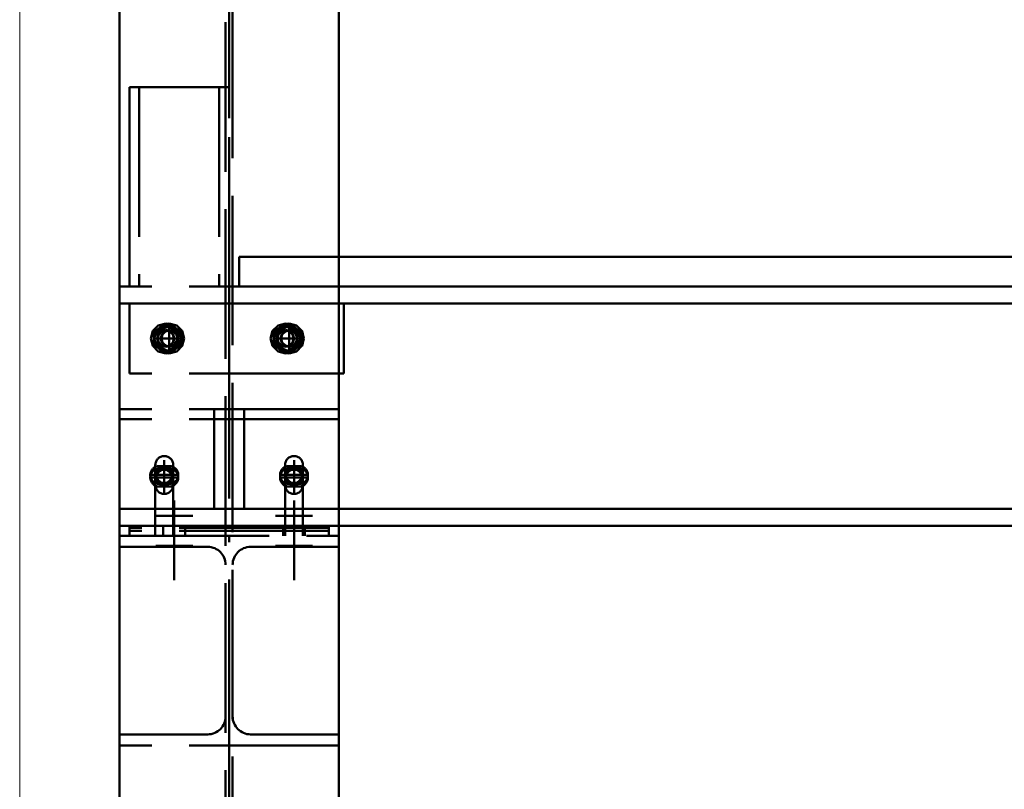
# Paper-space layout 'Layout1' of a CAD drawing. Extents: x -2 to 1033, y -36 to 596.
# Tile 74 of 256: x 49 to 69, y 477 to 493. Entities that reach past the tile are written whole.
import ezdxf

# ---------------------------------------------------------------- set-up
doc = ezdxf.new("R2010")
doc.units = 0
doc.linetypes.add('ACAD_ISO02W100', pattern=[15, 12, -3])
doc.linetypes.add('ACAD_ISO04W100', pattern=[30.5, 24, -3, 0.5, -3])
for name, color, linetype, lineweight in [('SS_JEŘÁBOVÁ DRÁHA', 11, 'CONTINUOUS', 50), ('SS_PODKLADY_PANELY', 9, 'CONTINUOUS', 13), ('SS_SLOUPY KRAJNÍ', 143, 'CONTINUOUS', 50)]:
    doc.layers.add(name, color=color, linetype=linetype, lineweight=lineweight)

psp = doc.layouts.get("Layout1")

# ---------------------------------------------------------------- linework, layer by layer
at = {"layer": 'SS_JEŘÁBOVÁ DRÁHA', "color": 3, "linetype": 'ACAD_ISO02W100', "ltscale": 0.25}
for p, q in [((53, 491.385), (51, 491.385)), ((51, 491.385), (51, 487.385)), ((51.2, 491.385), (51.2, 487.385)), ((52.8, 491.385), (52.8, 487.385)), ((53, 487.385), (53, 491.385)), ((55.2, 487.985), (53.2, 487.985)), ((53.2, 487.985), (53.2, 487.385)), ((55.2, 487.385), (50.8, 487.385)), ((50.8, 487.045), (55.2, 487.045)), ((51, 487.045), (51, 485.645)), ((55.2, 485.645), (51, 485.645)), ((55.2, 484.925), (50.8, 484.925)), ((52.7, 482.925), (52.7, 484.925)), ((53.3, 484.925), (53.3, 482.925)), ((55.2, 484.725), (50.8, 484.725)), ((51.52, 483.407), (51.52, 483.807)), ((51.6, 483.787), (51.8, 483.787)), ((51.6, 483.7351), (51.8, 483.7351)), ((51.88, 483.807), (51.88, 483.407)), ((54.12, 483.807), (54.12, 483.407)), ((54.2, 483.787), (54.4, 483.787)), ((54.2, 483.7351), (54.4, 483.7351)), ((54.48, 483.407), (54.48, 483.807)), ((51.52, 482.385), (51.52, 483.407)), ((51.8, 483.427), (51.6, 483.427)), ((51.8, 483.375), (51.6, 483.375)), ((51.88, 483.407), (51.88, 482.385)), ((54.12, 483.407), (54.12, 482.385)), ((54.4, 483.427), (54.2, 483.427)), ((54.4, 483.375), (54.2, 483.375)), ((54.48, 482.385), (54.48, 483.407)), ((52.7, 482.925), (50.8, 482.925)), ((53.3, 482.925), (52.7, 482.925)), ((55.2, 482.925), (53.3, 482.925)), ((55.2, 482.585), (50.8, 482.585)), ((51, 482.585), (51, 482.545)), ((51, 482.545), (51, 482.485)), ((55, 482.545), (51, 482.545)), ((51, 482.485), (51, 482.385)), ((55, 482.485), (51, 482.485)), ((51.68, 482.585), (51.68, 482.545)), ((51.68, 482.545), (51.68, 482.485)), ((51.68, 482.485), (51.68, 482.385)), ((52.12, 482.545), (52.12, 482.585)), ((52.12, 482.485), (52.12, 482.545)), ((52.12, 482.385), (52.12, 482.485)), ((54.08, 482.585), (54.08, 482.545)), ((54.08, 482.545), (54.08, 482.485)), ((54.08, 482.485), (54.08, 482.385)), ((54.52, 482.545), (54.52, 482.585)), ((54.52, 482.485), (54.52, 482.545)), ((54.52, 482.385), (54.52, 482.485)), ((55, 482.545), (55, 482.585)), ((55, 482.485), (55, 482.545)), ((55, 482.385), (55, 482.485))]:
    psp.add_line(p, q, dxfattribs=at)
at = {"layer": 'SS_JEŘÁBOVÁ DRÁHA', "color": 7, "linetype": 'ACAD_ISO04W100', "ltscale": 0.25}
for p, q in [((51, 487.385), (51, 491.385)), ((171, 487.385), (53.2, 487.385)), ((51, 487.045), (55.3, 487.045)), ((51.8, 486.045), (51.8, 486.645)), ((51.8, 486.045), (51.8, 486.645)), ((54.2, 486.045), (54.2, 486.645)), ((54.2, 486.045), (54.2, 486.645)), ((51.5, 486.345), (52.1, 486.345)), ((51.5, 486.345), (52.1, 486.345)), ((51.8, 486.345), (51.8, 486.345)), ((53.9, 486.345), (54.5, 486.345)), ((53.9, 486.345), (54.5, 486.345)), ((54.2, 486.345), (54.2, 486.345)), ((51.7, 483.307), (51.7, 483.907)), ((51.7, 483.307), (51.7, 483.907)), ((54.3, 483.307), (54.3, 483.907)), ((54.3, 483.307), (54.3, 483.907)), ((51.7, 483.255), (51.7, 483.855)), ((54.3, 483.255), (54.3, 483.855)), ((52, 483.607), (51.4, 483.607)), ((52, 483.607), (51.4, 483.607)), ((52, 483.555), (51.4, 483.555)), ((51.7, 483.607), (51.7, 483.607)), ((51.7, 483.555), (51.7, 483.555)), ((54.6, 483.607), (54, 483.607)), ((54.6, 483.607), (54, 483.607)), ((54.6, 483.555), (54, 483.555)), ((54.3, 483.607), (54.3, 483.607)), ((54.3, 483.555), (54.3, 483.555)), ((51.9, 483.095), (51.9, 481.495)), ((51.9, 483.095), (51.9, 481.495)), ((54.3, 483.095), (54.3, 481.495)), ((54.3, 483.095), (54.3, 481.495)), ((50.8, 482.925), (52.7, 482.925)), ((53.3, 482.925), (55.2, 482.925)), ((52.27, 482.785), (51.53, 482.785)), ((52.27, 482.785), (51.53, 482.785)), ((51.9, 482.785), (51.9, 482.785)), ((51.9, 482.785), (51.9, 482.785)), ((54.67, 482.785), (53.93, 482.785)), ((54.67, 482.785), (53.93, 482.785)), ((54.3, 482.785), (54.3, 482.785)), ((54.3, 482.785), (54.3, 482.785)), ((167.9, 482.585), (50.8, 482.585)), ((52.27, 482.185), (51.53, 482.185)), ((52.27, 482.185), (51.53, 482.185)), ((51.9, 482.185), (51.9, 482.185)), ((51.9, 482.185), (51.9, 482.185)), ((54.67, 482.185), (53.93, 482.185)), ((54.67, 482.185), (53.93, 482.185)), ((54.3, 482.185), (54.3, 482.185)), ((54.3, 482.185), (54.3, 482.185))]:
    psp.add_line(p, q, dxfattribs=at)
at = {"layer": 'SS_JEŘÁBOVÁ DRÁHA', "color": 1, "linetype": 'Continuous', "ltscale": 0.25}
for p, q in [((94.6902, 487.985), (55.2, 487.985)), ((94.1511, 487.385), (55.2, 487.385)), ((55.2, 487.045), (93.8456, 487.045)), ((55.3, 485.645), (55.3, 487.045)), ((55.3, 485.645), (55.2, 485.645)), ((90.1441, 482.925), (55.2, 482.925)), ((89.8386, 482.585), (55.2, 482.585))]:
    psp.add_line(p, q, dxfattribs=at)
at = {"layer": 'SS_JEŘÁBOVÁ DRÁHA', "color": 9, "linetype": 'ACAD_ISO02W100', "ltscale": 0.25}
for p, q in [((51.73, 486.645), (51.58, 486.6048)), ((51.8, 486.645), (51.65, 486.6048)), ((51.88, 486.6048), (51.73, 486.645)), ((51.765, 486.6357), (51.7488, 486.64)), ((51.95, 486.6048), (51.8, 486.645)), ((54.13, 486.645), (53.98, 486.6048)), ((54.2, 486.645), (54.05, 486.6048)), ((54.28, 486.6048), (54.13, 486.645)), ((54.165, 486.6357), (54.1488, 486.64)), ((54.35, 486.6048), (54.2, 486.645)), ((51.4702, 486.495), (51.43, 486.345)), ((51.58, 486.6048), (51.4702, 486.495)), ((51.49, 486.4836), (51.5613, 486.5247)), ((51.49, 486.4836), (51.4982, 486.4072)), ((51.49, 486.4836), (51.5222, 486.465)), ((51.49, 486.4836), (51.49, 486.345)), ((51.5222, 486.465), (51.4982, 486.4072)), ((51.5402, 486.495), (51.5, 486.345)), ((51.5387, 486.4896), (51.5, 486.345)), ((51.61, 486.5529), (51.5222, 486.465)), ((51.5296, 486.4725), (51.5222, 486.465)), ((51.5358, 486.4787), (51.5296, 486.4725)), ((51.5402, 486.495), (51.5387, 486.4896)), ((51.5402, 486.495), (51.65, 486.6048)), ((51.5433, 486.4982), (51.5402, 486.495)), ((51.5613, 486.5247), (51.5817, 486.5365)), ((51.6832, 486.5529), (51.5632, 486.4836)), ((51.621, 486.5092), (51.5632, 486.4836)), ((51.5954, 486.465), (51.5632, 486.4836)), ((51.57, 486.4797), (51.5632, 486.4836)), ((51.5632, 486.4836), (51.5632, 486.345)), ((51.5954, 486.465), (51.5632, 486.345)), ((51.5954, 486.465), (51.57, 486.4797)), ((51.5817, 486.5365), (51.61, 486.5529)), ((51.61, 486.5529), (51.5817, 486.5365)), ((51.5828, 486.43), (51.645, 486.4923)), ((51.5914, 486.425), (51.65, 486.4836)), ((51.6335, 486.5147), (51.5954, 486.465)), ((51.73, 486.6222), (51.61, 486.5529)), ((51.6679, 486.5769), (51.61, 486.5529)), ((51.6335, 486.5147), (51.621, 486.5092)), ((51.6335, 486.5147), (51.621, 486.5092)), ((51.6832, 486.5529), (51.6335, 486.5147)), ((51.6423, 486.5215), (51.6335, 486.5147)), ((51.6832, 486.5529), (51.6423, 486.5215)), ((51.645, 486.4923), (51.73, 486.515)), ((51.65, 486.6048), (51.6469, 486.6017)), ((51.6555, 486.6063), (51.65, 486.6048)), ((51.65, 486.4836), (51.73, 486.505)), ((51.6528, 486.43), (51.715, 486.4923)), ((51.6647, 486.425), (51.7232, 486.4836)), ((51.6648, 486.4252), (51.7198, 486.4802)), ((51.73, 486.6222), (51.6679, 486.5769)), ((51.73, 486.585), (51.6679, 486.5769)), ((51.8032, 486.6222), (51.6832, 486.5529)), ((51.8032, 486.585), (51.6832, 486.5529)), ((51.715, 486.4923), (51.8, 486.515)), ((51.7198, 486.4802), (51.7232, 486.4836)), ((51.7232, 486.4836), (51.8032, 486.505)), ((51.7232, 486.4836), (51.726, 486.4844)), ((51.7666, 486.601), (51.73, 486.6222)), ((51.73, 486.6222), (51.73, 486.585)), ((51.85, 486.5529), (51.73, 486.585)), ((51.73, 486.515), (51.815, 486.4923)), ((51.73, 486.505), (51.81, 486.4836)), ((51.7453, 486.5809), (51.7361, 486.5834)), ((51.7463, 486.5007), (51.756, 486.4981)), ((51.756, 486.4981), (51.7598, 486.497)), ((51.7598, 486.497), (51.7666, 486.4952)), ((51.765, 486.5057), (51.7761, 486.5027)), ((51.7733, 486.5971), (51.7666, 486.601)), ((51.7733, 486.5971), (51.7666, 486.601)), ((51.85, 486.5529), (51.7733, 486.5971)), ((51.7761, 486.5027), (51.7812, 486.5013)), ((51.7812, 486.5013), (51.7853, 486.5002)), ((51.8, 486.515), (51.885, 486.4923)), ((51.8019, 486.5047), (51.8024, 486.5048)), ((51.8024, 486.5048), (51.8032, 486.505)), ((51.8653, 486.5769), (51.8032, 486.6222)), ((51.9232, 486.5529), (51.8032, 486.6222)), ((51.8032, 486.6107), (51.8032, 486.6222)), ((51.8032, 486.585), (51.8032, 486.6107)), ((51.8653, 486.5769), (51.8032, 486.585)), ((51.8032, 486.505), (51.8051, 486.5045)), ((51.8032, 486.505), (51.8832, 486.4836)), ((51.8051, 486.5045), (51.8125, 486.5025)), ((51.81, 486.4836), (51.8686, 486.425)), ((51.815, 486.4923), (51.8772, 486.43)), ((51.8997, 486.5147), (51.85, 486.5529)), ((51.97, 486.4836), (51.85, 486.5529)), ((51.8653, 486.5769), (51.8607, 486.5775)), ((51.9232, 486.5529), (51.8653, 486.5769)), ((51.8696, 486.4872), (51.8832, 486.4836)), ((51.88, 486.6048), (51.9898, 486.495)), ((51.8832, 486.4836), (51.8886, 486.4782)), ((51.8832, 486.4836), (51.9418, 486.425)), ((51.885, 486.4923), (51.9472, 486.43)), ((51.8996, 486.4672), (51.9222, 486.4447)), ((51.9378, 486.465), (51.8997, 486.5147)), ((51.97, 486.4836), (51.8997, 486.5147)), ((51.9222, 486.4447), (51.9332, 486.4336)), ((52.0111, 486.465), (51.9232, 486.5529)), ((52.0432, 486.4836), (51.9232, 486.5529)), ((51.9332, 486.4336), (51.9418, 486.425)), ((51.97, 486.4836), (51.9378, 486.465)), ((51.9378, 486.465), (51.9472, 486.43)), ((51.97, 486.345), (51.9378, 486.465)), ((51.9711, 486.5138), (51.9439, 486.5409)), ((51.95, 486.6048), (51.9445, 486.6063)), ((51.9531, 486.6017), (51.95, 486.6048)), ((52.0598, 486.495), (51.95, 486.6048)), ((51.97, 486.345), (51.97, 486.4836)), ((51.9898, 486.495), (51.9711, 486.5138)), ((52.03, 486.345), (51.9898, 486.495)), ((52.0111, 486.465), (52.0432, 486.4836)), ((52.0111, 486.465), (52.0317, 486.4769)), ((52.035, 486.4072), (52.0111, 486.465)), ((52.0317, 486.4769), (52.0432, 486.4836)), ((52.0432, 486.4836), (52.035, 486.4072)), ((52.0432, 486.345), (52.0432, 486.4836)), ((52.0598, 486.495), (52.0567, 486.4982)), ((52.0613, 486.4896), (52.0598, 486.495)), ((52.1, 486.345), (52.0598, 486.495)), ((52.1, 486.345), (52.0613, 486.4896)), ((53.8702, 486.495), (53.83, 486.345)), ((53.98, 486.6048), (53.8702, 486.495)), ((53.89, 486.4836), (53.9613, 486.5247)), ((53.89, 486.4836), (53.8982, 486.4072)), ((53.89, 486.4836), (53.9222, 486.465)), ((53.89, 486.4836), (53.89, 486.345)), ((53.9222, 486.465), (53.8982, 486.4072)), ((53.9402, 486.495), (53.9, 486.345)), ((54.01, 486.5529), (53.9222, 486.465)), ((53.9296, 486.4725), (53.9222, 486.465)), ((53.9358, 486.4787), (53.9296, 486.4725)), ((53.9402, 486.495), (53.9387, 486.4896)), ((53.9402, 486.495), (54.05, 486.6048)), ((53.9433, 486.4982), (53.9402, 486.495)), ((53.9613, 486.5247), (54.13, 486.6222)), ((53.9817, 486.5365), (53.9613, 486.5247)), ((54.0832, 486.5529), (53.9632, 486.4836)), ((54.021, 486.5092), (53.9632, 486.4836)), ((53.9954, 486.465), (53.9632, 486.4836)), ((53.97, 486.4797), (53.9632, 486.4836)), ((53.9632, 486.4836), (53.9632, 486.345)), ((53.9954, 486.465), (53.9632, 486.345)), ((53.9954, 486.465), (53.97, 486.4797)), ((54.01, 486.5529), (53.9817, 486.5365)), ((53.9828, 486.43), (54.045, 486.4923)), ((53.9914, 486.425), (54.05, 486.4836)), ((54.0335, 486.5147), (53.9954, 486.465)), ((54.0679, 486.5769), (54.01, 486.5529)), ((54.0335, 486.5147), (54.021, 486.5092)), ((54.0335, 486.5147), (54.021, 486.5092)), ((54.0832, 486.5529), (54.0335, 486.5147)), ((54.0423, 486.5215), (54.0335, 486.5147)), ((54.0832, 486.5529), (54.0423, 486.5215)), ((54.045, 486.4923), (54.13, 486.515)), ((54.0555, 486.6063), (54.05, 486.6048)), ((54.05, 486.4836), (54.13, 486.505)), ((54.0528, 486.43), (54.115, 486.4923)), ((54.0647, 486.425), (54.1232, 486.4836)), ((54.0648, 486.4252), (54.1198, 486.4802)), ((54.13, 486.6222), (54.0679, 486.5769)), ((54.13, 486.585), (54.0679, 486.5769)), ((54.2032, 486.6222), (54.0832, 486.5529)), ((54.2032, 486.585), (54.0832, 486.5529)), ((54.115, 486.4923), (54.2, 486.515)), ((54.1198, 486.4802), (54.1232, 486.4836)), ((54.1232, 486.4836), (54.2032, 486.505)), ((54.1232, 486.4836), (54.126, 486.4844)), ((54.1666, 486.601), (54.13, 486.6222)), ((54.13, 486.6222), (54.13, 486.585)), ((54.25, 486.5529), (54.13, 486.585)), ((54.1361, 486.5834), (54.13, 486.585)), ((54.13, 486.515), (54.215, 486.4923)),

WHAT THIS TASK INVOLVES -
When a line in the listing includes the word "pattern", report that line in full.

TASK ANSWER -
doc.linetypes.add('ACAD_ISO02W100', pattern=[15, 12, -3])
doc.linetypes.add('ACAD_ISO04W100', pattern=[30.5, 24, -3, 0.5, -3])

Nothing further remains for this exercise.